Gov. Jerry Brown’s administration said the agreement includes concessions he sought last year to help reduce the state’s long-term costs of providing retirees’ health care benefits.
Correctional officers would start paying toward their eventual benefits under the proposed contract.
Officers hired after Jan. 1, 2017, would also have to wait longer for their benefits and would receive reduced health care coverage for themselves and their dependents when they retire.
The tentative agreement calls for a 3 percent increase once the agreement is ratified by the union’s 29,000 members, California Correctional Peace Officers Association spokeswoman Nichol Gomez-Pryde said. Other 3 percent hikes would follow over the next two years.

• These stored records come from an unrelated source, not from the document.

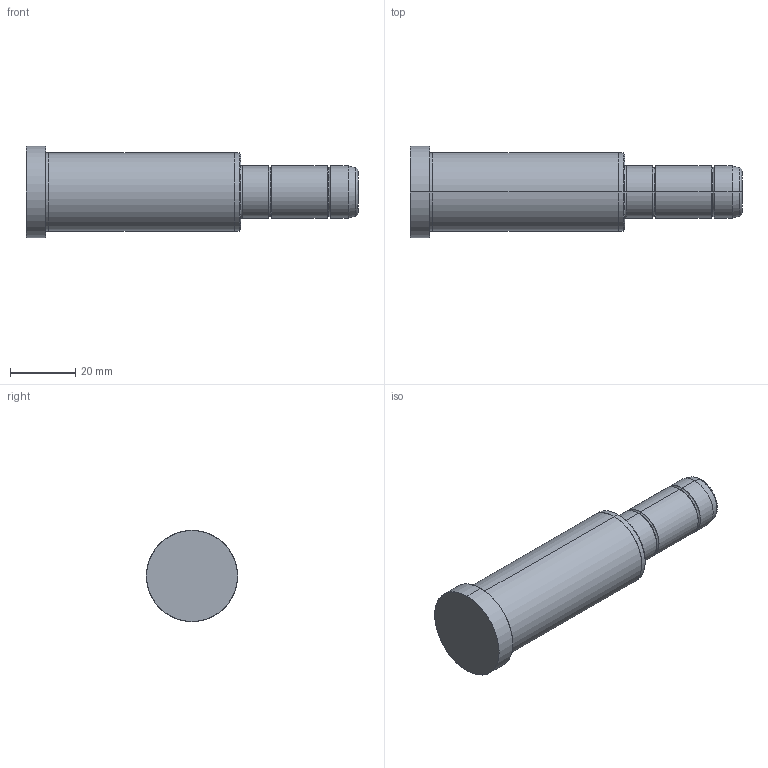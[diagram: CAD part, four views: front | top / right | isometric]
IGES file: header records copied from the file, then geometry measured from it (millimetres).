
Start section: SolidWorks IGES file using analytic representation for surfaces
Global section: file name: C:\Documents and Settings\kalite-mail\Desktop\IGS\D02\16\D02 - 16x66x36.IGS; native system: SolidWorks 2008; preprocessor: SolidWorks 2008; author: kalite-mail; date: 080616.144120; units: millimetre
Bounding box: 102 x 28 x 28 mm (x, y, z)
Surface area: 8064.5 mm2 (no closed solid volume)
Topology: 0 solids, 0 shells, 36 faces, 504 edges, 504 vertices
Faces by surface type: bspline 18, revolution 18
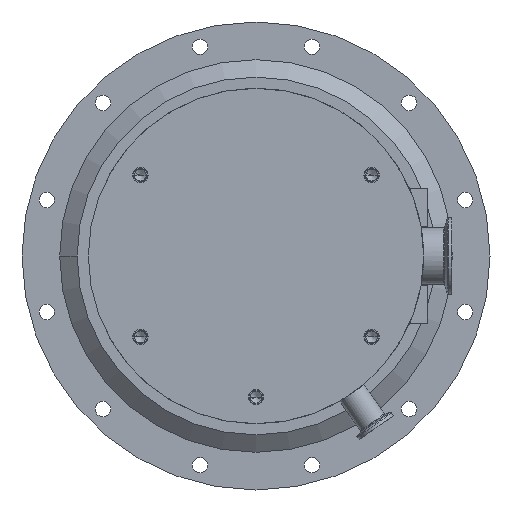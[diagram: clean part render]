
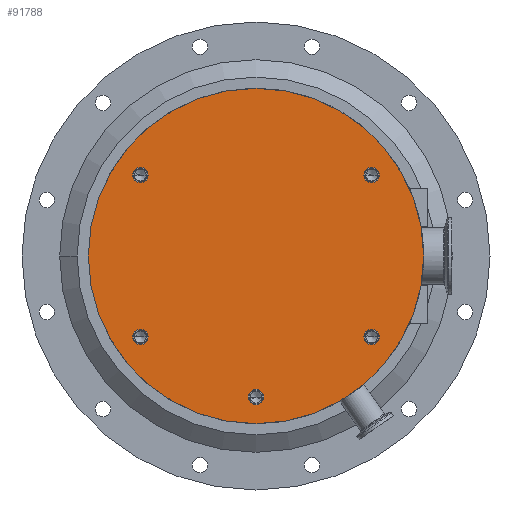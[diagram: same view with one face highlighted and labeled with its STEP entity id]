
A CAD part, front view. The second image highlights one B-rep face of the part: STEP entity #91788.
In plain terms, the highlighted planar face has unit normal (0, -1, 0).
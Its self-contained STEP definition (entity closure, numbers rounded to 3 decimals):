
#26376=CARTESIAN_POINT('',(0.,-55.5,0.));
#26377=DIRECTION('',(0.,1.,0.));
#26378=DIRECTION('',(-1.,0.,0.));
#26379=AXIS2_PLACEMENT_3D('',#26376,#26377,#26378);
#26381=CARTESIAN_POINT('',(0.,-55.5,0.));
#26382=DIRECTION('',(0.,-1.,0.));
#26383=DIRECTION('',(-1.,0.,0.));
#26384=AXIS2_PLACEMENT_3D('',#26381,#26382,#26383);
#26386=CARTESIAN_POINT('',(0.,-55.5,-101.));
#26387=DIRECTION('',(0.,-1.,0.));
#26388=DIRECTION('',(-1.,0.,0.));
#26389=AXIS2_PLACEMENT_3D('',#26386,#26387,#26388);
#26391=CARTESIAN_POINT('',(0.,-55.5,-101.));
#26392=DIRECTION('',(0.,-1.,0.));
#26393=DIRECTION('',(1.,0.,0.));
#26394=AXIS2_PLACEMENT_3D('',#26391,#26392,#26393);
#26396=CARTESIAN_POINT('',(82.734,-55.5,57.931));
#26397=DIRECTION('',(0.,-1.,0.));
#26398=DIRECTION('',(-1.,0.,0.));
#26399=AXIS2_PLACEMENT_3D('',#26396,#26397,#26398);
#26401=CARTESIAN_POINT('',(82.734,-55.5,57.931));
#26402=DIRECTION('',(0.,-1.,0.));
#26403=DIRECTION('',(1.,0.,0.));
#26404=AXIS2_PLACEMENT_3D('',#26401,#26402,#26403);
#26406=CARTESIAN_POINT('',(-82.734,-55.5,57.931));
#26407=DIRECTION('',(0.,-1.,0.));
#26408=DIRECTION('',(-1.,0.,0.));
#26409=AXIS2_PLACEMENT_3D('',#26406,#26407,#26408);
#26411=CARTESIAN_POINT('',(-82.734,-55.5,57.931));
#26412=DIRECTION('',(0.,-1.,0.));
#26413=DIRECTION('',(1.,0.,0.));
#26414=AXIS2_PLACEMENT_3D('',#26411,#26412,#26413);
#26416=CARTESIAN_POINT('',(82.734,-55.5,-57.931));
#26417=DIRECTION('',(0.,-1.,0.));
#26418=DIRECTION('',(-1.,0.,0.));
#26419=AXIS2_PLACEMENT_3D('',#26416,#26417,#26418);
#26421=CARTESIAN_POINT('',(82.734,-55.5,-57.931));
#26422=DIRECTION('',(0.,-1.,0.));
#26423=DIRECTION('',(1.,0.,0.));
#26424=AXIS2_PLACEMENT_3D('',#26421,#26422,#26423);
#26426=CARTESIAN_POINT('',(-82.734,-55.5,-57.931));
#26427=DIRECTION('',(0.,-1.,0.));
#26428=DIRECTION('',(-1.,0.,0.));
#26429=AXIS2_PLACEMENT_3D('',#26426,#26427,#26428);
#26431=CARTESIAN_POINT('',(-82.734,-55.5,-57.931));
#26432=DIRECTION('',(0.,-1.,0.));
#26433=DIRECTION('',(1.,0.,0.));
#26434=AXIS2_PLACEMENT_3D('',#26431,#26432,#26433);
#27965=CARTESIAN_POINT('',(-120.,-55.5,0.));
#27967=VERTEX_POINT('',#27965);
#27987=CARTESIAN_POINT('',(120.,-55.5,0.));
#27989=VERTEX_POINT('',#27987);
#33411=CARTESIAN_POINT('',(-5.5,-55.5,-101.));
#33412=CARTESIAN_POINT('',(5.5,-55.5,-101.));
#33413=VERTEX_POINT('',#33411);
#33414=VERTEX_POINT('',#33412);
#33429=CARTESIAN_POINT('',(77.234,-55.5,57.931));
#33430=CARTESIAN_POINT('',(88.234,-55.5,57.931));
#33431=VERTEX_POINT('',#33429);
#33432=VERTEX_POINT('',#33430);
#33447=CARTESIAN_POINT('',(-88.234,-55.5,57.931));
#33448=CARTESIAN_POINT('',(-77.234,-55.5,57.931));
#33449=VERTEX_POINT('',#33447);
#33450=VERTEX_POINT('',#33448);
#33465=CARTESIAN_POINT('',(77.234,-55.5,-57.931));
#33466=CARTESIAN_POINT('',(88.234,-55.5,-57.931));
#33467=VERTEX_POINT('',#33465);
#33468=VERTEX_POINT('',#33466);
#33483=CARTESIAN_POINT('',(-88.234,-55.5,-57.931));
#33484=CARTESIAN_POINT('',(-77.234,-55.5,-57.931));
#33485=VERTEX_POINT('',#33483);
#33486=VERTEX_POINT('',#33484);
#91749=CARTESIAN_POINT('',(0.,-55.5,0.));
#91750=DIRECTION('',(0.,-1.,0.));
#91751=DIRECTION('',(-1.,0.,0.));
#91752=AXIS2_PLACEMENT_3D('',#91749,#91750,#91751);
#91753=PLANE('',#91752);
#91754=ORIENTED_EDGE('',*,*,#91418,.T.);
#91755=ORIENTED_EDGE('',*,*,#91645,.F.);
#91756=EDGE_LOOP('',(#91754,#91755));
#91757=FACE_OUTER_BOUND('',#91756,.F.);
#91759=ORIENTED_EDGE('',*,*,#91758,.T.);
#91761=ORIENTED_EDGE('',*,*,#91760,.T.);
#91762=EDGE_LOOP('',(#91759,#91761));
#91763=FACE_BOUND('',#91762,.F.);
#91765=ORIENTED_EDGE('',*,*,#91764,.T.);
#91767=ORIENTED_EDGE('',*,*,#91766,.T.);
#91768=EDGE_LOOP('',(#91765,#91767));
#91769=FACE_BOUND('',#91768,.F.);
#91771=ORIENTED_EDGE('',*,*,#91770,.T.);
#91773=ORIENTED_EDGE('',*,*,#91772,.T.);
#91774=EDGE_LOOP('',(#91771,#91773));
#91775=FACE_BOUND('',#91774,.F.);
#91777=ORIENTED_EDGE('',*,*,#91776,.T.);
#91779=ORIENTED_EDGE('',*,*,#91778,.T.);
#91780=EDGE_LOOP('',(#91777,#91779));
#91781=FACE_BOUND('',#91780,.F.);
#91783=ORIENTED_EDGE('',*,*,#91782,.T.);
#91785=ORIENTED_EDGE('',*,*,#91784,.T.);
#91786=EDGE_LOOP('',(#91783,#91785));
#91787=FACE_BOUND('',#91786,.F.);
#91788=ADVANCED_FACE('',(#91757,#91763,#91769,#91775,#91781,#91787),#91753,.T.);
#26380=CIRCLE('',#26379,120.);
#26385=CIRCLE('',#26384,120.);
#26390=CIRCLE('',#26389,5.5);
#26395=CIRCLE('',#26394,5.5);
#26400=CIRCLE('',#26399,5.5);
#26405=CIRCLE('',#26404,5.5);
#26410=CIRCLE('',#26409,5.5);
#26415=CIRCLE('',#26414,5.5);
#26420=CIRCLE('',#26419,5.5);
#26425=CIRCLE('',#26424,5.5);
#26430=CIRCLE('',#26429,5.5);
#26435=CIRCLE('',#26434,5.5);
#91418=EDGE_CURVE('',#27967,#27989,#26380,.T.);
#91645=EDGE_CURVE('',#27967,#27989,#26385,.T.);
#91758=EDGE_CURVE('',#33413,#33414,#26390,.T.);
#91760=EDGE_CURVE('',#33414,#33413,#26395,.T.);
#91764=EDGE_CURVE('',#33431,#33432,#26400,.T.);
#91766=EDGE_CURVE('',#33432,#33431,#26405,.T.);
#91770=EDGE_CURVE('',#33449,#33450,#26410,.T.);
#91772=EDGE_CURVE('',#33450,#33449,#26415,.T.);
#91776=EDGE_CURVE('',#33467,#33468,#26420,.T.);
#91778=EDGE_CURVE('',#33468,#33467,#26425,.T.);
#91782=EDGE_CURVE('',#33485,#33486,#26430,.T.);
#91784=EDGE_CURVE('',#33486,#33485,#26435,.T.);

Correctional officers would also get more money if they work in remote prisons. An incentive for remaining physically fit would be eliminated, with the $130 a month incentive automatically going into officers’ base pay.
The Department of Corrections and Rehabilitation said base salary for guards currently starts at $63,000 annually and can range to nearly $80,000. Officers can earn more than $100,000 a year with overtime at the state’s 34 prisons.
Michael Genest, a fiscal consultant who served four years as budget director for former Republican Gov. Arnold Schwarzenegger, said the changes in retiree benefits should result in substantial long-term savings to the state.
He praised Brown, a Democrat, for trying to control spending but said the salary increases mean taxpayers will continue to see little savings from a restructuring of the criminal justice system that sharply reduced the state prison population in recent years.
“I’d say, why are we giving raises at all, from a taxpayers’ perspective,” Genest said. “There’s no evidence that our pay scales are such that we can’t attract an adequate workforce, quite the contrary.”
Gomez-Pryde and the administration said the proposal is fair but could not immediately say how much it would cost taxpayers.
The deal must be approved by state lawmakers and union members before taking effect.